- Data extract:
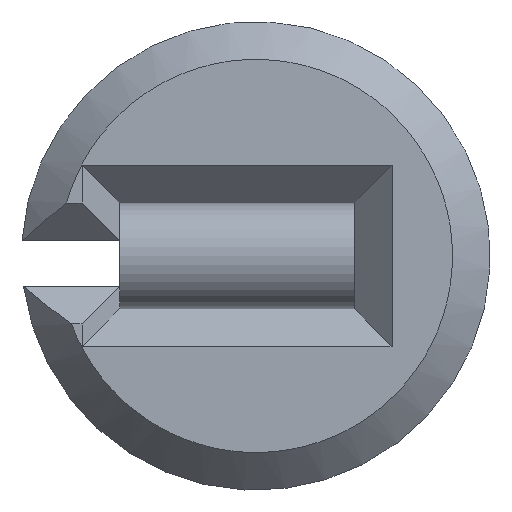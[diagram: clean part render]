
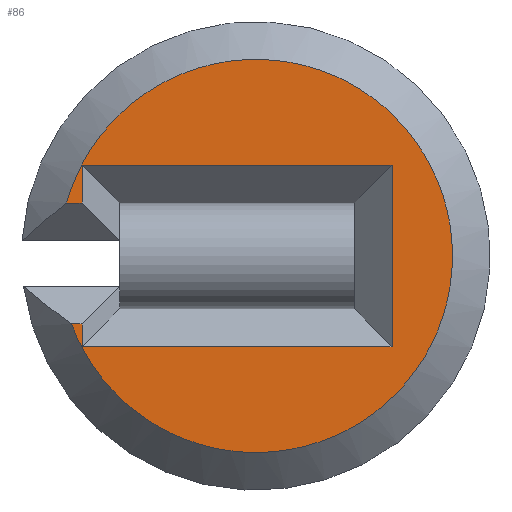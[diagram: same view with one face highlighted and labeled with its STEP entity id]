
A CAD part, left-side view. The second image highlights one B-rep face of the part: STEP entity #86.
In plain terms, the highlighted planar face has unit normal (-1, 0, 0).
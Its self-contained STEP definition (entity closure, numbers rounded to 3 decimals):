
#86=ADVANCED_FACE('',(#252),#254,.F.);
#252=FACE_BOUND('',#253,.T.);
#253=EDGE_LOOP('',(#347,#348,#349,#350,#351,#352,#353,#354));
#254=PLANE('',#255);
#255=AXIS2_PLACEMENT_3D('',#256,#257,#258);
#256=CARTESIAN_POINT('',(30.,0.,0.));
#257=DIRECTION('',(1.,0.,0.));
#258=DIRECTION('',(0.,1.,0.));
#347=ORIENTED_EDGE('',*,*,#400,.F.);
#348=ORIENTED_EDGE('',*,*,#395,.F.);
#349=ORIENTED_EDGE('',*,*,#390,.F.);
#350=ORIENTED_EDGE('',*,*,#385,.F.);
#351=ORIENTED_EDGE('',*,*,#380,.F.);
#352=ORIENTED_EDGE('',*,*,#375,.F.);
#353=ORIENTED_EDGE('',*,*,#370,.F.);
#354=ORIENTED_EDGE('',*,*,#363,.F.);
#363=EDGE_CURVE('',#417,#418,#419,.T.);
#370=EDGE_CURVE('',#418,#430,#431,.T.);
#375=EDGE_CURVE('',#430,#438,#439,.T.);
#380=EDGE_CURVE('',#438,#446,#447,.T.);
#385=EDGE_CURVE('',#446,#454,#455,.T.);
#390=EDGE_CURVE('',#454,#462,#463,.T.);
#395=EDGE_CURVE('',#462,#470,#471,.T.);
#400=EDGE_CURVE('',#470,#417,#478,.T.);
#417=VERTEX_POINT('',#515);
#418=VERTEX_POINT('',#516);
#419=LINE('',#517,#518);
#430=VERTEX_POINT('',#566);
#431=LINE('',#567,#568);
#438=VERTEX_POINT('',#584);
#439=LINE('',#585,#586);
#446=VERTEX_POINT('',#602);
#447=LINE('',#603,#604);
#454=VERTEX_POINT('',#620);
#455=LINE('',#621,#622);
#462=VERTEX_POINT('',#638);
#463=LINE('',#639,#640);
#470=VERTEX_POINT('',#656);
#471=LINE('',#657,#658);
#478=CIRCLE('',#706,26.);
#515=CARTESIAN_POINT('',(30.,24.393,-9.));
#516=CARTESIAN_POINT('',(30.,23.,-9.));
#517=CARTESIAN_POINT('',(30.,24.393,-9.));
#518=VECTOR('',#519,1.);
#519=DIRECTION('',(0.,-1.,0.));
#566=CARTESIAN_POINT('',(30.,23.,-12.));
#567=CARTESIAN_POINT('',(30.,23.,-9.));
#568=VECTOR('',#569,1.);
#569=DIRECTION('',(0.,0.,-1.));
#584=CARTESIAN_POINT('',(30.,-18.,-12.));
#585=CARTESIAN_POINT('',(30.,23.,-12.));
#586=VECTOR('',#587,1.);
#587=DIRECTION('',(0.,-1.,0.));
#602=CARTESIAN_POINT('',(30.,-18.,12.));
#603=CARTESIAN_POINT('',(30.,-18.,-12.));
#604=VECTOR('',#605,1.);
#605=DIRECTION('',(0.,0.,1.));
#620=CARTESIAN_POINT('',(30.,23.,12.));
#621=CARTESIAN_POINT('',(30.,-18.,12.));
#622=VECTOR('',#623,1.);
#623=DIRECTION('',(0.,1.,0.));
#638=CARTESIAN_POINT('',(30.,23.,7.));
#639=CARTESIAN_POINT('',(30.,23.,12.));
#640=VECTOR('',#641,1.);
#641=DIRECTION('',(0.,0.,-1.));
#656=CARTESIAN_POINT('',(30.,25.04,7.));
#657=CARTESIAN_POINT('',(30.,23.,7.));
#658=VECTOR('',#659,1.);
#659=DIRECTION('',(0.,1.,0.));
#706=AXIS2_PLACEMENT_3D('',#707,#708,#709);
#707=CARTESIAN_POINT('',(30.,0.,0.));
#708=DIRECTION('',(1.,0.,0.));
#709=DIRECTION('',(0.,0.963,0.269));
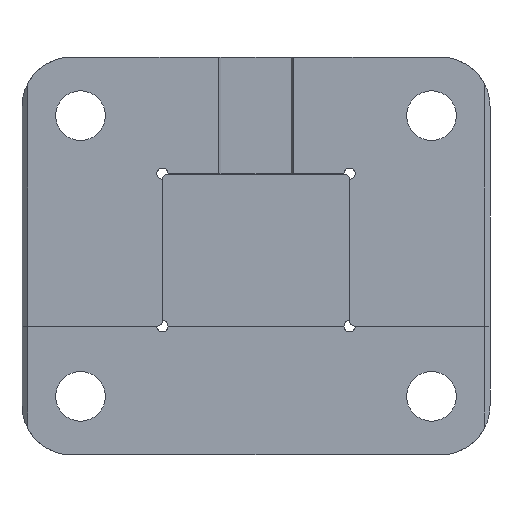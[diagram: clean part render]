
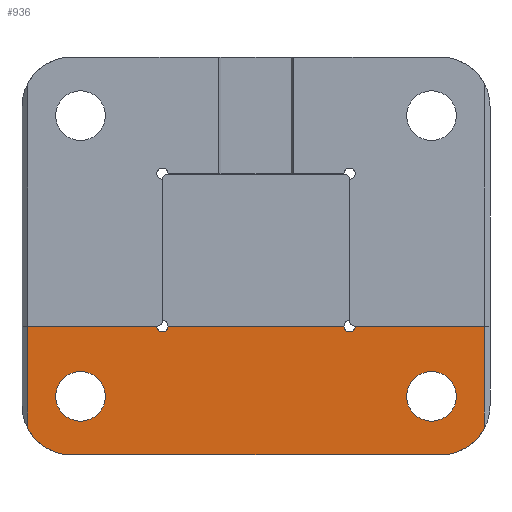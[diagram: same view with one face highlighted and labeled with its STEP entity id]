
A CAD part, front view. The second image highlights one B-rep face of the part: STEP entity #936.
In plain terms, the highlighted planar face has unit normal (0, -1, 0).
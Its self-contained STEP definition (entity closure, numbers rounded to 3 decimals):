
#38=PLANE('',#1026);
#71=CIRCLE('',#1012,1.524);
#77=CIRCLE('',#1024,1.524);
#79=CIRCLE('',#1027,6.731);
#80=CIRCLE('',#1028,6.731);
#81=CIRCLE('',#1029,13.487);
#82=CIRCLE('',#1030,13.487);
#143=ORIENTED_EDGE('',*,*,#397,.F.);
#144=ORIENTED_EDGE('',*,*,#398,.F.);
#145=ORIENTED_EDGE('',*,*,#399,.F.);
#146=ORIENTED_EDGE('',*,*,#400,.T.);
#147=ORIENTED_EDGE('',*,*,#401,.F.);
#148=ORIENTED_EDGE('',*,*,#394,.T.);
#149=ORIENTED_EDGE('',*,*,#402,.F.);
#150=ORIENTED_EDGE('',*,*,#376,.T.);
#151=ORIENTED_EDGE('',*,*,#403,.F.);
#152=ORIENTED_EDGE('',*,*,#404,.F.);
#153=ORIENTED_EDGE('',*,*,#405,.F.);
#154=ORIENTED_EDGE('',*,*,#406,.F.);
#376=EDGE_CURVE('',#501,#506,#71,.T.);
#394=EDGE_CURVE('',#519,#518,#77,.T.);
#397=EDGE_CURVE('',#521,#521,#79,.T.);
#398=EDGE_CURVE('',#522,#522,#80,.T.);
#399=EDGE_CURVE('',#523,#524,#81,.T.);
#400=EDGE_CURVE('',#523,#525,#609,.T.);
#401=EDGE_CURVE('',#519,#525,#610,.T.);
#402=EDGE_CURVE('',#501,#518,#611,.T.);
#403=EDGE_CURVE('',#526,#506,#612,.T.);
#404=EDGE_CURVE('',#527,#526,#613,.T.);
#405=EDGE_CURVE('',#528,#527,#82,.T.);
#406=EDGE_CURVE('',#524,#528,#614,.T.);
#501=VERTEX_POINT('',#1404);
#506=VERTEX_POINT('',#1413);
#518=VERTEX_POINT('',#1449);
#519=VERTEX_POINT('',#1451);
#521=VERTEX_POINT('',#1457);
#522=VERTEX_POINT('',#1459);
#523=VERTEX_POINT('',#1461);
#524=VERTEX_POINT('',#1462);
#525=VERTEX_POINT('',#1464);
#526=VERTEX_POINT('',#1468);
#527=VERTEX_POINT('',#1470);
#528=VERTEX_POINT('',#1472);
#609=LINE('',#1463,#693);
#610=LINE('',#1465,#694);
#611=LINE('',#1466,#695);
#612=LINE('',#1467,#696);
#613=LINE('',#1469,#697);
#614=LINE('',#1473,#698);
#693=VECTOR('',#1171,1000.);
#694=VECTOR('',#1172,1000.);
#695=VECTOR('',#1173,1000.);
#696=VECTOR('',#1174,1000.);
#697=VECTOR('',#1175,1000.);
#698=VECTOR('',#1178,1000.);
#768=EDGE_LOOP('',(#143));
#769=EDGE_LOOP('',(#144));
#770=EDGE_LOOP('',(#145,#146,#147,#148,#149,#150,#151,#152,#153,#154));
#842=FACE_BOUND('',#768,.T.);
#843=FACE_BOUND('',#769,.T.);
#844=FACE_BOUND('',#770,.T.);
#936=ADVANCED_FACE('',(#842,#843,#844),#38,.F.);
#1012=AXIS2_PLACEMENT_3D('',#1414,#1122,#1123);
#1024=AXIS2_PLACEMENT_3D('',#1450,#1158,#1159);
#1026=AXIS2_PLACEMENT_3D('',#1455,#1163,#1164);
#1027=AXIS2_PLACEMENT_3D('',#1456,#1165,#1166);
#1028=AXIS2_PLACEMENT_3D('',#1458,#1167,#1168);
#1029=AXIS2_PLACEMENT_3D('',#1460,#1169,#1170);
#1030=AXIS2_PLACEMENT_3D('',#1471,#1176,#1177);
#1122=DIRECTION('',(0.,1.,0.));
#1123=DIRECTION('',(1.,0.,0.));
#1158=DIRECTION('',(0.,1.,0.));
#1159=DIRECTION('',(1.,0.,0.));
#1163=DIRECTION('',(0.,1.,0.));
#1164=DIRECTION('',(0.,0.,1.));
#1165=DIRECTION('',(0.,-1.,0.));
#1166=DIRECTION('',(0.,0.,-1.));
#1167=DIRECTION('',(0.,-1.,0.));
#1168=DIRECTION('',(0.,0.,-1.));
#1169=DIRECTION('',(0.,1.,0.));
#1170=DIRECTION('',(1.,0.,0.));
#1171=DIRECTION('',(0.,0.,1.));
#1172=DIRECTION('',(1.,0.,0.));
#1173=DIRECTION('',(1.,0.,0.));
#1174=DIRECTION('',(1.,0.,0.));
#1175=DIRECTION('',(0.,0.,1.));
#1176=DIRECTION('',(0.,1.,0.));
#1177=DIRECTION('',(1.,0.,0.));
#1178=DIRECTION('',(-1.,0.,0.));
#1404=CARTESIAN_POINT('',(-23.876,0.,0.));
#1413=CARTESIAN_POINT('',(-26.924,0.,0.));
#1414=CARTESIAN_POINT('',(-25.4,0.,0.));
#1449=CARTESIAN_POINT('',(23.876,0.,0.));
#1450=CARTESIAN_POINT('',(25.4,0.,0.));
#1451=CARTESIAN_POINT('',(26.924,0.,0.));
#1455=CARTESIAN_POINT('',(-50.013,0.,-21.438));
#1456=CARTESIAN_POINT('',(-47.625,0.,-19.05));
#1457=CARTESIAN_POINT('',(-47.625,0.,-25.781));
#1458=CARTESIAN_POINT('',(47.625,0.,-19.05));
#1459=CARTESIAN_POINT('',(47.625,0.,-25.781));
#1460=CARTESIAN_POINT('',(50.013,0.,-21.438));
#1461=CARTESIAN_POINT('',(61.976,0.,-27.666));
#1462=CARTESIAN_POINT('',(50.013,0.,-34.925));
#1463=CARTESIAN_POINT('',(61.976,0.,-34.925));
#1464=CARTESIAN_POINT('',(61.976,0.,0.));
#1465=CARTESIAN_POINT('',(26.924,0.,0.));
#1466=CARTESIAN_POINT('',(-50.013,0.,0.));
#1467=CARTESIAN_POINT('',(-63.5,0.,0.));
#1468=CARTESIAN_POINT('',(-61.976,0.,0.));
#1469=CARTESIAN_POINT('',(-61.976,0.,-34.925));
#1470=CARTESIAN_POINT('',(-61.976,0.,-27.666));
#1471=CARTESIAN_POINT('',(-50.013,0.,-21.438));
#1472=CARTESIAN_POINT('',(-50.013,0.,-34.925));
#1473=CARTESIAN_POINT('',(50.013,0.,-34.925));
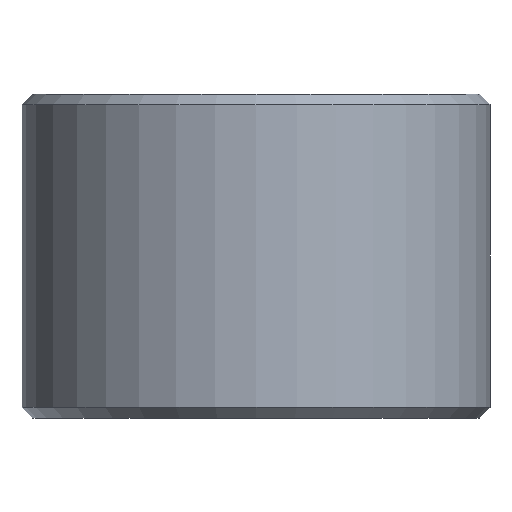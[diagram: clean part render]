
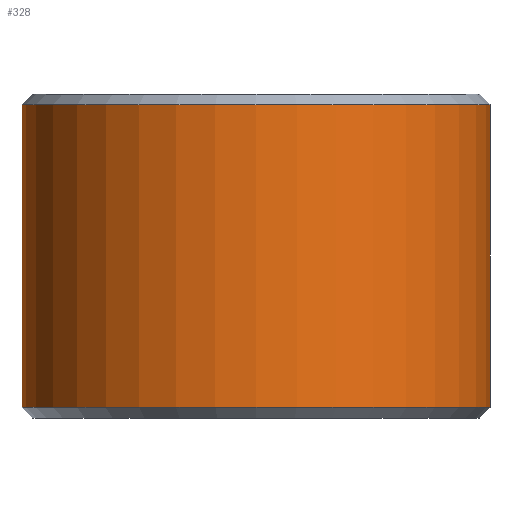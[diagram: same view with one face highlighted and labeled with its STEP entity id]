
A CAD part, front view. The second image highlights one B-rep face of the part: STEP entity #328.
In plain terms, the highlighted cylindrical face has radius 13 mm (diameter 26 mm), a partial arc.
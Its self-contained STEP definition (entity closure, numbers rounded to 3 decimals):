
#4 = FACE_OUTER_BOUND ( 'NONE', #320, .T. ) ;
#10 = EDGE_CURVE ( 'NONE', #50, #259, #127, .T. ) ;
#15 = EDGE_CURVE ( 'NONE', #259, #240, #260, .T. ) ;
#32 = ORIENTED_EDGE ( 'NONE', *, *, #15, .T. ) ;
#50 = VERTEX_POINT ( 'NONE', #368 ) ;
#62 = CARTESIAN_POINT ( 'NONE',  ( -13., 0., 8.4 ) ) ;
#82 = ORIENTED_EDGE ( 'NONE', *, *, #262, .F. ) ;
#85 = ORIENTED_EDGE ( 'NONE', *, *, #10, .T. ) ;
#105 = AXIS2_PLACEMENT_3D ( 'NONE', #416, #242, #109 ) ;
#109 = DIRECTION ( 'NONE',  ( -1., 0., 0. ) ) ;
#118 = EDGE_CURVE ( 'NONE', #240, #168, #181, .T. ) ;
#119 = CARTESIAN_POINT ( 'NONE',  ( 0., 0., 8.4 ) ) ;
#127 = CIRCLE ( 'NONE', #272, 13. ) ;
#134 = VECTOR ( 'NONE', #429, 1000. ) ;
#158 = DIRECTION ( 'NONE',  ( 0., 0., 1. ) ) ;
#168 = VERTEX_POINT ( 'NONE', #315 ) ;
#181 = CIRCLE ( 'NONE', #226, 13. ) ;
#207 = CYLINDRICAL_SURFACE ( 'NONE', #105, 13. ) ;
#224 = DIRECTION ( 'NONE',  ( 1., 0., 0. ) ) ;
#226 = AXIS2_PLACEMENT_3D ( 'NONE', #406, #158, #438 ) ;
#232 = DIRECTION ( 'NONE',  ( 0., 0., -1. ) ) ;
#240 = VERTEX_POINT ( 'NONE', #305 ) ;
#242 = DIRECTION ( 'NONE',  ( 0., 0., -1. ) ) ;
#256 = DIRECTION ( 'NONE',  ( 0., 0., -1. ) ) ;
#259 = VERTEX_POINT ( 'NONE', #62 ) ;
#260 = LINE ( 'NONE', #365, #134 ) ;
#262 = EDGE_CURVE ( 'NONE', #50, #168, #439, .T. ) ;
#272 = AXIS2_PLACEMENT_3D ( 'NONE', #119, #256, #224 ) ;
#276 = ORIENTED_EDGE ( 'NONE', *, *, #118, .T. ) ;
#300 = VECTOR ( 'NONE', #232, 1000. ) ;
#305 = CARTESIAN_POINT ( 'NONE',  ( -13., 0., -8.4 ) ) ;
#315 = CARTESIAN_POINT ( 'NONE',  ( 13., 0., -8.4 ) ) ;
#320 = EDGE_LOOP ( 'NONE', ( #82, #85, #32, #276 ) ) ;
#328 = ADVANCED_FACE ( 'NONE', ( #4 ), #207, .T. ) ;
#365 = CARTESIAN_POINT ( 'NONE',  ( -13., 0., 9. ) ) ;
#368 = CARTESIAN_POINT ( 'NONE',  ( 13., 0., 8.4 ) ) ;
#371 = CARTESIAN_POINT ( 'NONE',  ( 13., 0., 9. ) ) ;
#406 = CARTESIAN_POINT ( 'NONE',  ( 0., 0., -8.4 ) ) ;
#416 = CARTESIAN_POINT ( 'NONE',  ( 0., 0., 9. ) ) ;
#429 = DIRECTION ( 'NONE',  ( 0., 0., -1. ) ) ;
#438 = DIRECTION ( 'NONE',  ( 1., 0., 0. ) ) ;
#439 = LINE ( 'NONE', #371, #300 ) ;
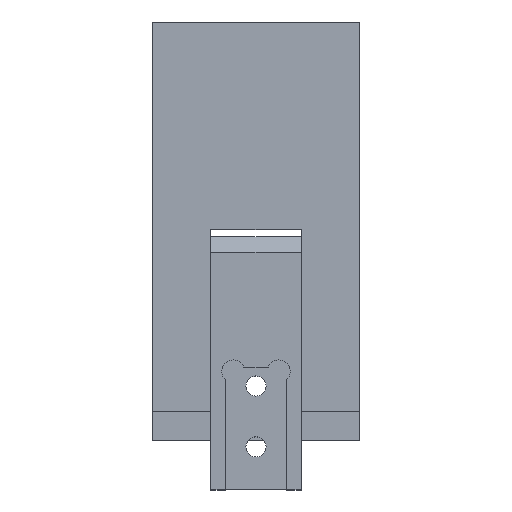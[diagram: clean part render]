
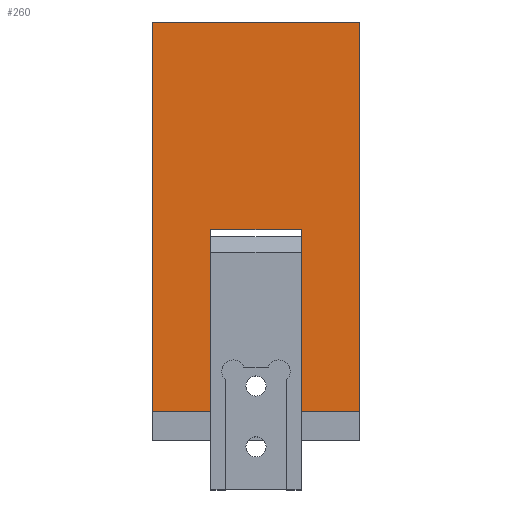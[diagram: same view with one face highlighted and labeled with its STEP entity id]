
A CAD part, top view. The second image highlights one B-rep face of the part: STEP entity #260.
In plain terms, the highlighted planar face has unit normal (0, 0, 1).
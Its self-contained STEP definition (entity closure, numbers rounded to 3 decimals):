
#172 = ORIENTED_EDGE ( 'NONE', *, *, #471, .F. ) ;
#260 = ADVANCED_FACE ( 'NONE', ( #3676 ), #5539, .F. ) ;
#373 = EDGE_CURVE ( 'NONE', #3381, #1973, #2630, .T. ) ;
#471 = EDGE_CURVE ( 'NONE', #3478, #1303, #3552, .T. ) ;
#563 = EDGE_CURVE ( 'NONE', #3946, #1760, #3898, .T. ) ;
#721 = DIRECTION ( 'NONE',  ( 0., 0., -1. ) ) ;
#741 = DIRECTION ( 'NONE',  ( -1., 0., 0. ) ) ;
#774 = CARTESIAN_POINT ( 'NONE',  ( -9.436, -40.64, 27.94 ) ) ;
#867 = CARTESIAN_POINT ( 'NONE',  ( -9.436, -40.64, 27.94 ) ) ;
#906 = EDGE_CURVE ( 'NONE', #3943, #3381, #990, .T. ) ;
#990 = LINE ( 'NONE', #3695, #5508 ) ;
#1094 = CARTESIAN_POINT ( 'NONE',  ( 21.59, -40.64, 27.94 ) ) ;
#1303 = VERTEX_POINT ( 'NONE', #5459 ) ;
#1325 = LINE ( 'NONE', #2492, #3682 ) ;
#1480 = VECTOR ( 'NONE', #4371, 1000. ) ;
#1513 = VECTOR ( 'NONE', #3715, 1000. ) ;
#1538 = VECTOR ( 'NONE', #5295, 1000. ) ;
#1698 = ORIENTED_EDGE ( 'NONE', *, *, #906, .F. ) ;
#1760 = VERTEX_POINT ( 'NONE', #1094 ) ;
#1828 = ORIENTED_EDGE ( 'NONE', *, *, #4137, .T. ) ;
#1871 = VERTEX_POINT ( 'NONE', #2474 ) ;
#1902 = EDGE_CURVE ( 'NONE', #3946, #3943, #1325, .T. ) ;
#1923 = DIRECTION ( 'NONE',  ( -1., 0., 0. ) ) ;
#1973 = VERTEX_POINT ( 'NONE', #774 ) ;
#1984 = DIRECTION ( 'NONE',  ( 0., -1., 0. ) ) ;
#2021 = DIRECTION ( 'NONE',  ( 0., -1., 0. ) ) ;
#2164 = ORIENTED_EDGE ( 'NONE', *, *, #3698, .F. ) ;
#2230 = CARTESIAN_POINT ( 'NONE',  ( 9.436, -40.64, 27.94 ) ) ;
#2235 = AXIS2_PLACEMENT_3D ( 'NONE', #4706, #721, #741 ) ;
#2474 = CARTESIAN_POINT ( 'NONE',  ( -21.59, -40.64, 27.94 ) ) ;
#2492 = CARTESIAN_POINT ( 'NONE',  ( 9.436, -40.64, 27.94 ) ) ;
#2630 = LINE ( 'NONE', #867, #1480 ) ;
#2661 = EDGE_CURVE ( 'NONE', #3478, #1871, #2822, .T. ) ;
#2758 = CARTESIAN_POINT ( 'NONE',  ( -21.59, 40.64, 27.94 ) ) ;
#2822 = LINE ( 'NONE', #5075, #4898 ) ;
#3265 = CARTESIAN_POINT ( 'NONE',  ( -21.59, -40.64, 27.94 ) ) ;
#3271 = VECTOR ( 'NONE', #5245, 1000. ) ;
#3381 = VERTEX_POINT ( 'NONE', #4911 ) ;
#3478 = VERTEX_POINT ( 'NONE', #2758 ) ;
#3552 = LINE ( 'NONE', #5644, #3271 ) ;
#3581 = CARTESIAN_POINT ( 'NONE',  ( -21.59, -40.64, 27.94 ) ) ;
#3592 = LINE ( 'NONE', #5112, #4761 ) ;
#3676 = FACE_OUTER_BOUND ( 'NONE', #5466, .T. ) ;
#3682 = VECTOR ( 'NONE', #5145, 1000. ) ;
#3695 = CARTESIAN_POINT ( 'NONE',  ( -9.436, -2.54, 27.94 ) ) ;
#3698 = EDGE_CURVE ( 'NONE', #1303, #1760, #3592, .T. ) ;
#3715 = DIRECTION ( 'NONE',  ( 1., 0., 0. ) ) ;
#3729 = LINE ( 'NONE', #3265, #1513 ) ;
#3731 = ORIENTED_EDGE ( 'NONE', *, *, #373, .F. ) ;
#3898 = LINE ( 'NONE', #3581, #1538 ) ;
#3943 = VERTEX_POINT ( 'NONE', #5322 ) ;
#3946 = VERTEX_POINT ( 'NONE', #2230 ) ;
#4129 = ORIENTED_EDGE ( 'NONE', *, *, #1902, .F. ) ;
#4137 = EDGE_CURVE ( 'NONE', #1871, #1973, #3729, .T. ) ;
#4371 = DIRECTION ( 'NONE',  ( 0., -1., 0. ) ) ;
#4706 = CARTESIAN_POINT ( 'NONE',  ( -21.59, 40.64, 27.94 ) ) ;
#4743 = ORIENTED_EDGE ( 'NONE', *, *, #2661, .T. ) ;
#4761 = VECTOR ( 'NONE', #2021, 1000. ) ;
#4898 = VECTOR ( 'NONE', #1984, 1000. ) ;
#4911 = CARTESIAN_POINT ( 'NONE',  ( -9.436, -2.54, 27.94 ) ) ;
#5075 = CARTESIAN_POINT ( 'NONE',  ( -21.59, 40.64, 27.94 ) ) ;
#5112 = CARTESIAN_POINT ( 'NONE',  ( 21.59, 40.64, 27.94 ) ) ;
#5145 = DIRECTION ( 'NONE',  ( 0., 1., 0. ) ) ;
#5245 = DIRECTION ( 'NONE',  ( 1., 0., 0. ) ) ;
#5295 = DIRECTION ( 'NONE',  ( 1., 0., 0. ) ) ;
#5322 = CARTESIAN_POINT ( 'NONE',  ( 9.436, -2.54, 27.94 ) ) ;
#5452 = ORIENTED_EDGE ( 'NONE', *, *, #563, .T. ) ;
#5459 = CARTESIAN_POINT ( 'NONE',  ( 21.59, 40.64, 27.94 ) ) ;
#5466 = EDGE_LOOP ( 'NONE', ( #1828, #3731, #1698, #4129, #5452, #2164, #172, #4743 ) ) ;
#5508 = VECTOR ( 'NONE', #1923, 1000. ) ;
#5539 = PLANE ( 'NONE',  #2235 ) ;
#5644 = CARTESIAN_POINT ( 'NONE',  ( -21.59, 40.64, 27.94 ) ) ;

- Task to carry out:
Your answer must be the lines above from the one holding "#1464=CARTESIAN_POINT('',(61.976,0.,0.));" up to and including the one holding "#15 = EDGE_CURVE", exact and with no pictures.

- Response box:
#1464=CARTESIAN_POINT('',(61.976,0.,0.));
#1465=CARTESIAN_POINT('',(26.924,0.,0.));
#1466=CARTESIAN_POINT('',(-50.013,0.,0.));
#1467=CARTESIAN_POINT('',(-63.5,0.,0.));
#1468=CARTESIAN_POINT('',(-61.976,0.,0.));
#1469=CARTESIAN_POINT('',(-61.976,0.,-34.925));
#1470=CARTESIAN_POINT('',(-61.976,0.,-27.666));
#1471=CARTESIAN_POINT('',(-50.013,0.,-21.438));
#1472=CARTESIAN_POINT('',(-50.013,0.,-34.925));
#1473=CARTESIAN_POINT('',(50.013,0.,-34.925));
[diagram: clean part render]
[diagram: same view with one face highlighted and labeled with its STEP entity id]
A CAD part, front view. The second image highlights one B-rep face of the part: STEP entity #328.
In plain terms, the highlighted cylindrical face has radius 13 mm (diameter 26 mm), a partial arc.
Its self-contained STEP definition (entity closure, numbers rounded to 3 decimals):
#4 = FACE_OUTER_BOUND ( 'NONE', #320, .T. ) ;
#10 = EDGE_CURVE ( 'NONE', #50, #259, #127, .T. ) ;
#15 = EDGE_CURVE ( 'NONE', #259, #240, #260, .T. ) ;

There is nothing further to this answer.